Spreker gevoelt niet veel sympathie voor de schoolbaden.
Ongeveer 10 van de 50 scholen in de gemeente maken er
gebruik van; tot deze 10 scholen behoort bijna geen enkele
bijzondere school.
In het jaar 1934 maakten van de 6383 leerlingen van de
bijzondere lagere scholen slechts 22 gebruik van de school
baden en men kan toch niet beweren, dat de gezondheids
toestand van de overige 6361 leerlingen te wenschen overlaat.
In het zelfde jaar maakten van de 4198 kinderen, die de
openbare lagere scholen bezochten, 1127 gebruik van deze
baden.
Deze getallen wettigen niet het doen van grootere uitgaven
voor dit doel. De bezwaren, die tegen de bezuiniging op dezen
post zijn aangevoerd en gememoreerd zijn in de adviezen,
zijn sterk overdreven.
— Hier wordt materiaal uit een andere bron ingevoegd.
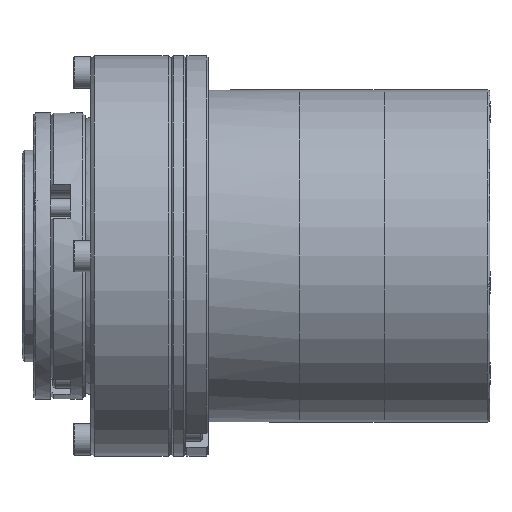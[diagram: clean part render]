
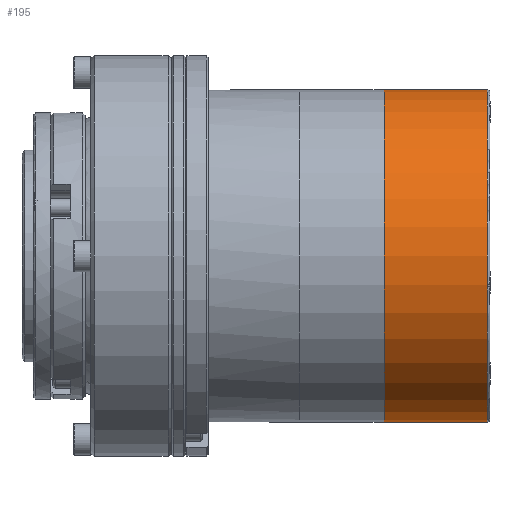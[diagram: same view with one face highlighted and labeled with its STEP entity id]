
A CAD part, left-side view. The second image highlights one B-rep face of the part: STEP entity #195.
In plain terms, the highlighted cylindrical face has radius 29 mm (diameter 58 mm), a full revolution.
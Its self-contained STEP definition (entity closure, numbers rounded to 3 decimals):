
#195 = ADVANCED_FACE ( 'NONE', ( #20450, #3397 ), #18476, .T. ) ;
#644 = AXIS2_PLACEMENT_3D ( 'NONE', #23269, #21277, #4343 ) ;
#1036 = AXIS2_PLACEMENT_3D ( 'NONE', #2198, #1965, #15454 ) ;
#1235 = EDGE_LOOP ( 'NONE', ( #8159 ) ) ;
#1777 = DIRECTION ( 'NONE',  ( 0., 0., 1. ) ) ;
#1842 = CIRCLE ( 'NONE', #1036, 29. ) ;
#1965 = DIRECTION ( 'NONE',  ( 0., 0., -1. ) ) ;
#2198 = CARTESIAN_POINT ( 'NONE',  ( 0., 0., -0.5 ) ) ;
#3272 = CARTESIAN_POINT ( 'NONE',  ( 0., 0., 21.794 ) ) ;
#3397 = FACE_OUTER_BOUND ( 'NONE', #12691, .T. ) ;
#4343 = DIRECTION ( 'NONE',  ( 1., 0., 0. ) ) ;
#6806 = EDGE_CURVE ( 'NONE', #20087, #20087, #1842, .T. ) ;
#8159 = ORIENTED_EDGE ( 'NONE', *, *, #6806, .T. ) ;
#9331 = DIRECTION ( 'NONE',  ( 1., 0., 0. ) ) ;
#11702 = CIRCLE ( 'NONE', #644, 29. ) ;
#11869 = AXIS2_PLACEMENT_3D ( 'NONE', #3272, #1777, #9331 ) ;
#12691 = EDGE_LOOP ( 'NONE', ( #17416 ) ) ;
#15454 = DIRECTION ( 'NONE',  ( 1., 0., 0. ) ) ;
#17416 = ORIENTED_EDGE ( 'NONE', *, *, #21618, .T. ) ;
#17499 = CARTESIAN_POINT ( 'NONE',  ( 29., 0., -18.5 ) ) ;
#18070 = VERTEX_POINT ( 'NONE', #17499 ) ;
#18476 = CYLINDRICAL_SURFACE ( 'NONE', #11869, 29. ) ;
#20087 = VERTEX_POINT ( 'NONE', #22317 ) ;
#20450 = FACE_OUTER_BOUND ( 'NONE', #1235, .T. ) ;
#21277 = DIRECTION ( 'NONE',  ( 0., 0., 1. ) ) ;
#21618 = EDGE_CURVE ( 'NONE', #18070, #18070, #11702, .T. ) ;
#22317 = CARTESIAN_POINT ( 'NONE',  ( 29., 0., -0.5 ) ) ;
#23269 = CARTESIAN_POINT ( 'NONE',  ( 0., 0., -18.5 ) ) ;
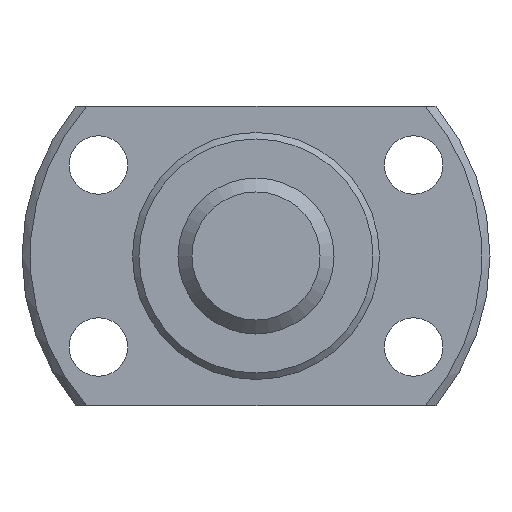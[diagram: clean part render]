
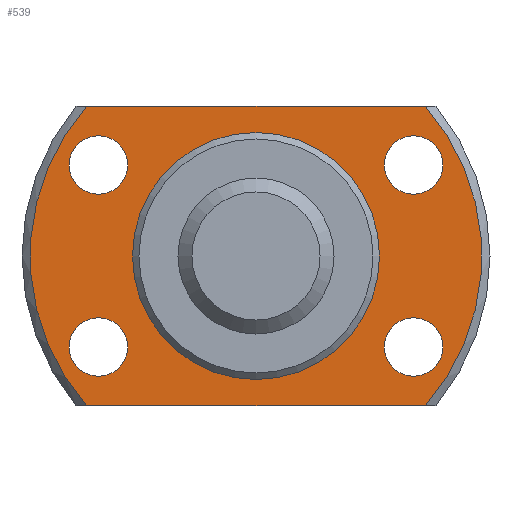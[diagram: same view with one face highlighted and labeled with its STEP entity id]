
A CAD part, left-side view. The second image highlights one B-rep face of the part: STEP entity #539.
In plain terms, the highlighted planar face has unit normal (-1, 0, 0) as drawn and (1, 0, 0) by its records, which use the part's own axes.
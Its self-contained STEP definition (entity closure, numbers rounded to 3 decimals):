
#73=CIRCLE('',#608,17.375);
#88=CIRCLE('',#632,9.3);
#89=CIRCLE('',#634,17.375);
#90=CIRCLE('',#635,2.25);
#91=CIRCLE('',#636,2.25);
#92=CIRCLE('',#637,2.25);
#93=CIRCLE('',#638,2.25);
#176=ORIENTED_EDGE('',*,*,#270,.T.);
#177=ORIENTED_EDGE('',*,*,#248,.T.);
#178=ORIENTED_EDGE('',*,*,#271,.T.);
#179=ORIENTED_EDGE('',*,*,#272,.T.);
#180=ORIENTED_EDGE('',*,*,#273,.F.);
#181=ORIENTED_EDGE('',*,*,#274,.F.);
#182=ORIENTED_EDGE('',*,*,#275,.F.);
#183=ORIENTED_EDGE('',*,*,#276,.F.);
#184=ORIENTED_EDGE('',*,*,#269,.F.);
#248=EDGE_CURVE('',#303,#305,#73,.T.);
#269=EDGE_CURVE('',#324,#324,#88,.T.);
#270=EDGE_CURVE('',#325,#303,#347,.T.);
#271=EDGE_CURVE('',#305,#326,#348,.T.);
#272=EDGE_CURVE('',#326,#325,#89,.T.);
#273=EDGE_CURVE('',#327,#327,#90,.T.);
#274=EDGE_CURVE('',#328,#328,#91,.T.);
#275=EDGE_CURVE('',#329,#329,#92,.T.);
#276=EDGE_CURVE('',#330,#330,#93,.T.);
#303=VERTEX_POINT('',#886);
#305=VERTEX_POINT('',#893);
#324=VERTEX_POINT('',#949);
#325=VERTEX_POINT('',#952);
#326=VERTEX_POINT('',#954);
#327=VERTEX_POINT('',#957);
#328=VERTEX_POINT('',#959);
#329=VERTEX_POINT('',#961);
#330=VERTEX_POINT('',#963);
#347=LINE('',#951,#365);
#348=LINE('',#953,#366);
#365=VECTOR('',#784,1000.);
#366=VECTOR('',#785,1000.);
#414=EDGE_LOOP('',(#176,#177,#178,#179));
#415=EDGE_LOOP('',(#180));
#416=EDGE_LOOP('',(#181));
#417=EDGE_LOOP('',(#182));
#418=EDGE_LOOP('',(#183));
#419=EDGE_LOOP('',(#184));
#478=FACE_BOUND('',#414,.T.);
#479=FACE_BOUND('',#415,.T.);
#480=FACE_BOUND('',#416,.T.);
#481=FACE_BOUND('',#417,.T.);
#482=FACE_BOUND('',#418,.T.);
#483=FACE_BOUND('',#419,.T.);
#510=PLANE('',#633);
#539=ADVANCED_FACE('',(#478,#479,#480,#481,#482,#483),#510,.T.);
#608=AXIS2_PLACEMENT_3D('',#894,#728,#729);
#632=AXIS2_PLACEMENT_3D('',#948,#780,#781);
#633=AXIS2_PLACEMENT_3D('',#950,#782,#783);
#634=AXIS2_PLACEMENT_3D('',#955,#786,#787);
#635=AXIS2_PLACEMENT_3D('',#956,#788,#789);
#636=AXIS2_PLACEMENT_3D('',#958,#790,#791);
#637=AXIS2_PLACEMENT_3D('',#960,#792,#793);
#638=AXIS2_PLACEMENT_3D('',#962,#794,#795);
#728=DIRECTION('',(1.,0.,0.));
#729=DIRECTION('',(0.,0.,-1.));
#780=DIRECTION('',(1.,0.,0.));
#781=DIRECTION('',(0.,0.,-1.));
#782=DIRECTION('',(1.,0.,0.));
#783=DIRECTION('',(0.,0.,-1.));
#784=DIRECTION('',(0.,-1.,0.));
#785=DIRECTION('',(0.,1.,0.));
#786=DIRECTION('',(1.,0.,0.));
#787=DIRECTION('',(0.,0.,-1.));
#788=DIRECTION('',(1.,0.,0.));
#789=DIRECTION('',(0.,0.,-1.));
#790=DIRECTION('',(1.,0.,0.));
#791=DIRECTION('',(0.,0.,-1.));
#792=DIRECTION('',(1.,0.,0.));
#793=DIRECTION('',(0.,0.,-1.));
#794=DIRECTION('',(1.,0.,0.));
#795=DIRECTION('',(0.,0.,-1.));
#886=CARTESIAN_POINT('',(5.,-13.025,11.5));
#893=CARTESIAN_POINT('',(5.,-13.025,-11.5));
#894=CARTESIAN_POINT('',(5.,0.,0.));
#948=CARTESIAN_POINT('',(5.,0.,0.));
#949=CARTESIAN_POINT('',(5.,0.,-9.3));
#950=CARTESIAN_POINT('',(5.,9.3,0.));
#951=CARTESIAN_POINT('',(5.,18.,11.5));
#952=CARTESIAN_POINT('',(5.,13.025,11.5));
#953=CARTESIAN_POINT('',(5.,-18.,-11.5));
#954=CARTESIAN_POINT('',(5.,13.025,-11.5));
#955=CARTESIAN_POINT('',(5.,0.,0.));
#956=CARTESIAN_POINT('',(5.,12.124,7.));
#957=CARTESIAN_POINT('',(5.,12.124,4.75));
#958=CARTESIAN_POINT('',(5.,-12.124,7.));
#959=CARTESIAN_POINT('',(5.,-12.124,4.75));
#960=CARTESIAN_POINT('',(5.,-12.124,-7.));
#961=CARTESIAN_POINT('',(5.,-12.124,-9.25));
#962=CARTESIAN_POINT('',(5.,12.124,-7.));
#963=CARTESIAN_POINT('',(5.,12.124,-9.25));

Spreker zal zijn stem aan dit voorstel
onthouden.
De heer Jongeleen beveelt het voorstel van het College bij
den Raad aan. De vermeerdering van de uitgaven met 700.
is alleszins gerechtvaardigd. Indien het College indertijd had
geweten, dat de bezuiniging slechts 700.zou bedragen,
had het den Raad zeker niet voorgesteld de schoolbaden
om de veertien dagen in plaats van elke week te verstrekken.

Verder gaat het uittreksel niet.